鄙人便是白日裡的那個小吏,在城北營地一睹使君風采,當真是驚為天人,故有投效之心,加之宋瑞兄漏夜前來拜訪,感動之餘,自當為使君效力,望使君不吝此半老之軀!”

尚未說完,這個已經四十歲但是腰桿依舊挺得筆直的華夏脊樑就這樣直挺挺的單膝跪了下來。

葉應武嚇了一跳,急忙衝上前將謝枋得扶了起來,丫的自己演戲這傢伙還對著演上勁來了,不過看他眼裡的那股子倔強真誠的神采,估計是真的,一點兒都不像是在演戲······有如此人傑歸心,和文天祥為我左臂右膀,以後終於不用愁後方的安穩了。

看著謝枋得激動的不斷顫抖的雙手和身軀,葉應武默然片刻,方才鄭重的握住那一雙飽含風霜刻痕卻依舊剛強有力的手,輕聲說道:“放心,如果天要塌下來,某會在身邊為你留一個位置的。”

謝枋得頓時流露出些許不解,葉應武側過頭看了一眼靜靜地站在那裡的文天祥,文天祥無奈的衝著他笑了笑,已然明白是什麼意思。葉應武微微點頭,方才從容不迫的說道:“到時候,一起頂著。”

七個字,風輕雲淡,但是其後卻象徵著無限的荊棘。

渾身的熱血彷彿要噴湧出胸腔,四十歲的男人了,按說是不惑的年紀了,卻忍不住熱淚盈眶。這麼多年南宋偏居東南,飽受欺壓,太需要一個人來將這一切都挽回。

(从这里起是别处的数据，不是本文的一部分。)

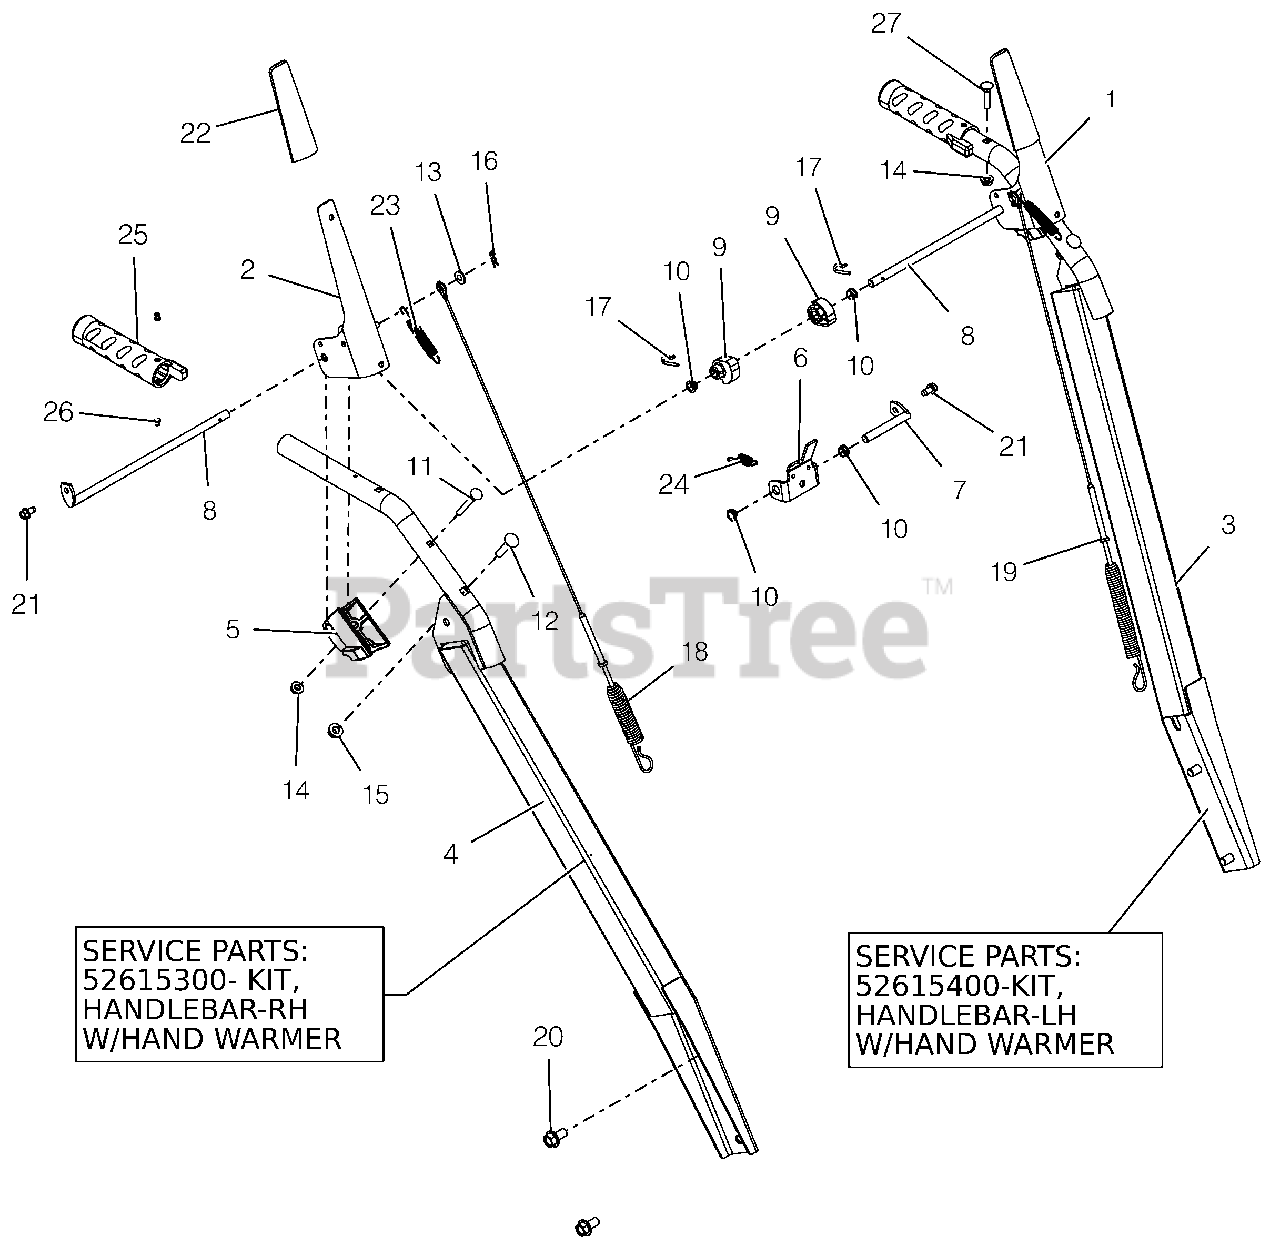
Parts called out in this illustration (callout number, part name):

謝枋得心中沒來由的相信,身前的這個少年,便是不二的人選。

葉應武的眼裡也忍不住有些溼潤,不知何時自己就已經假戲真做了。小時候窮極無聊的時候翻閱注音版的《上下五千年》,曾經認為這些人太愚忠,不知道在世事中變通,而現在身臨其境了,方才發覺,自己和他們同樣的愚忠,因為你、我、他,站在這裡,忠誠的物件不再是那個軟弱的、飽受欺凌的南宋朝廷,而是整個華夏民族。

為的,是民族衣冠的延續。

恐怕這也是為什麼,面對南宋小皇帝的親自勸降,文天祥依然冷冷的拒絕了,如果維護這衣冠需要抗旨,那麼他便抗旨。

而此時的文天祥就站在一旁,靜靜地看著兩個人死死的握住對方的手掌,彷彿那兩隻手有著無窮的力量和無窮的希望,這位未來寫下了《指南錄》並且名揚千古的民族英雄,只是悄無聲息的站在那裡,卻笑了,笑的是那麼的燦爛而開懷。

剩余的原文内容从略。